Skilled, knowledgeable social workers are essential to the success of these change efforts. Yet social work, having been banned from 1967 until 1989, is itself a new profession in Romania. Because of this fact, training new social workers and retraining those who used to work in orphanages (which are now being closed through the reform efforts) is a huge challenge.
To meet the urgent need to educate its employees, World Vision Romania, an NGO linked to World Vision International, contacted the Jordan Institute for Families for help. Part of the School of Social Work at the University of North Carolina at Chapel Hill, the Jordan Institute drew upon its extensive experience developing, delivering, and supporting human services training to develop classroom-based courses for World Vision Romania's case managers and supervisors.
World Vision Romania also asked the Jordan Institute to help it explore the possibilities of e-learning. "We are in the very earliest stages of this process," explains the Jordan Institute's Lane Cooke. "I think we are all convinced that, because the learning needs of social workers in Romania as a whole are very broad--they need to educate professionals in a range of specialties on an ongoing basis--e-learning will be a strategy World Vision will pursue some time in the future. The question is whether it is the right strategy for them right now, given their current technological and financial resources."

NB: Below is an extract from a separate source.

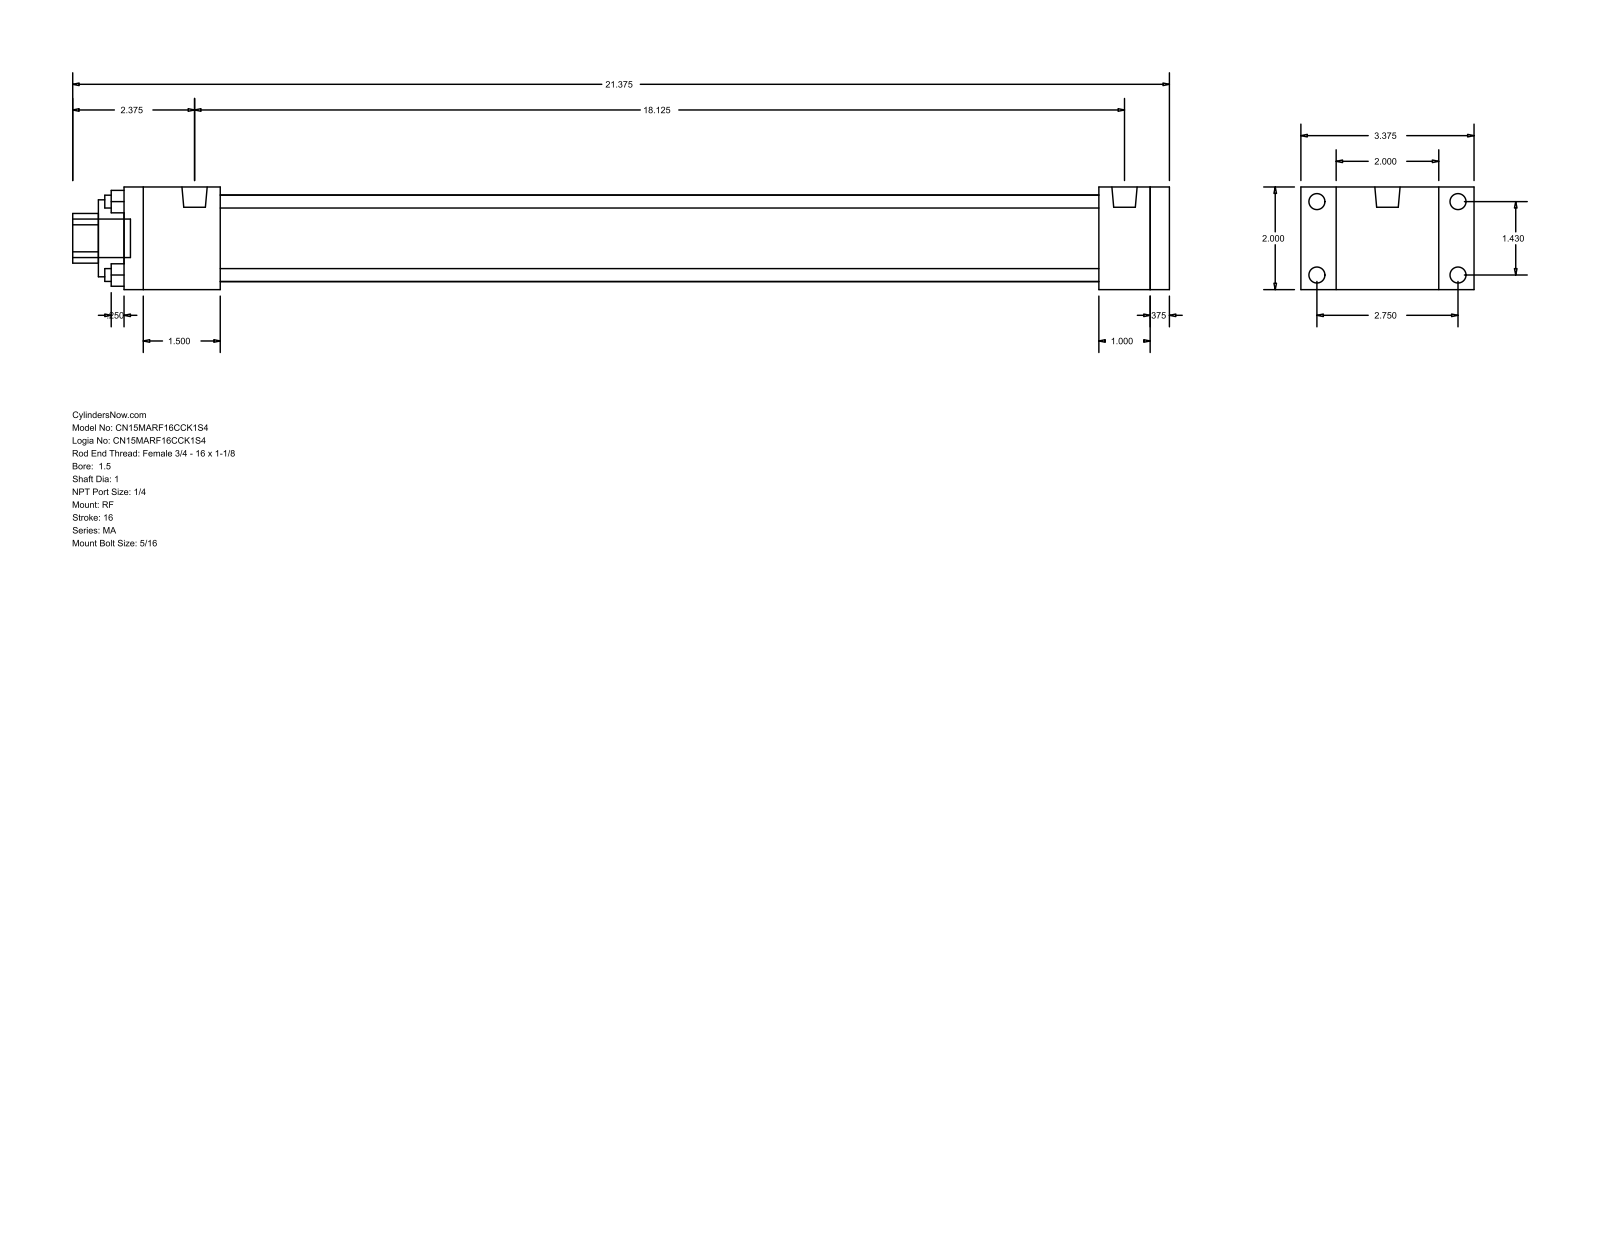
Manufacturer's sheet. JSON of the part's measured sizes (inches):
{"part_name": "MA_RF__0150_1", "step_written_by": "GSSL Pune (CONFIG_CONTROL_DESIGN)", "units": "inches", "bodies": {"solids": 0, "faces": 92, "planar": 64, "cylindrical": 28, "other": 0}, "overall_size": [21.375, 3.375, 2], "round_holes": [[0.25, 4], [1, 1], [1.5, 1], [1.69, 1]], "round_bosses_or_shafts": [[0.313, 8], [0.492, 2], [0.75, 1]], "partial_cylinders_radius": [[0.484, 1]], "face_to_face_distances": [2, 0.375, 20.375, 20, 1, 19, 1.375, 1.875, 17.125, 18.125], "hole_center_spacings": [1.011, 1.43, 2.022]}
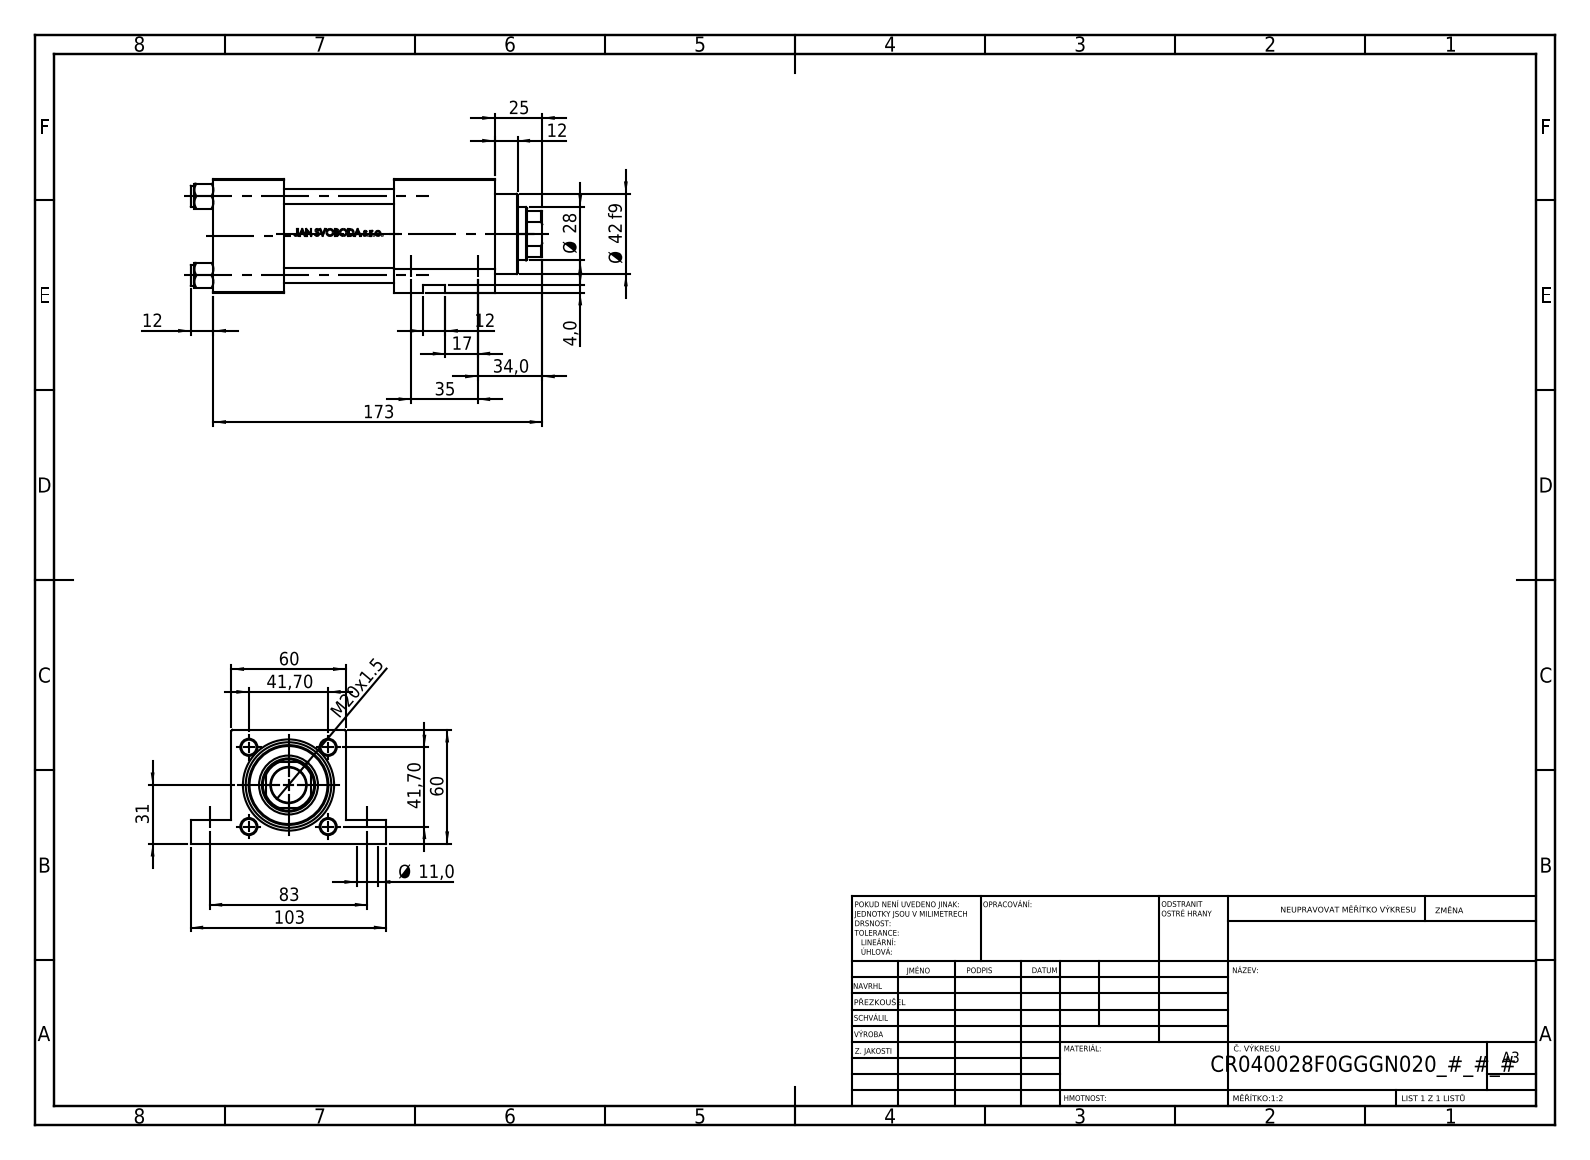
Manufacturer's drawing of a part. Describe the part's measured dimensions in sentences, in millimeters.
The part is named "NUT_M5_F; V215CR_F_TYCINKA; V215CR_F_Body; V215_VC_A (+1 more)". Its 3-D file was written by "SolidWorks 2019 (CONFIG_CONTROL_DESIGN)". It is 11 solids with 1121 faces: 438 planar, 143 cylindrical and 540 other. Overall it measures 185 by 103 by 60 millimeters. Its volume is 444 851 cubic millimeters and its surface area 117 845 square millimeters. Round holes: 4 of diameter 8, 2 of diameter 7, 2 of diameter 11, 2 of diameter 11, 2 of diameter 16.66, 2 of diameter 24, 1 of diameter 18.5, 1 of diameter 28, 1 of diameter 31, 1 of diameter 40, 1 of diameter 45. Round bosses or shafts: 4 of diameter 11, 1 of diameter 46, 1 of diameter 42. Partial cylindrical surfaces (rounded edges, fillets, slot ends): 1 of radius 13.5. The main face-to-face distances are 60, 37, 95, 58, 148, 111, 53, 12.5, 47.5, 38. The hole center spacings are 41.7, 28.79, 30.2, 35, 42.09, 50.06, 58.97, 83.

To find out, a team from the Jordan Institute traveled to Romania in October of this year. During their trip they met with case managers and supervisors, to assess their openness and preferences with regard to technology-mediated learning, as well as with administrators and managers, to get a clearer picture of their plans for human resource development.
"Now that we're back," Cooke says, "we will analyze our findings and present them to World Vision Romania. It is our hope that we will be able to partner with them again in the near future to ensure that their employees have the skills, knowledge, and tools they need to make brighter future for Romania's families and children."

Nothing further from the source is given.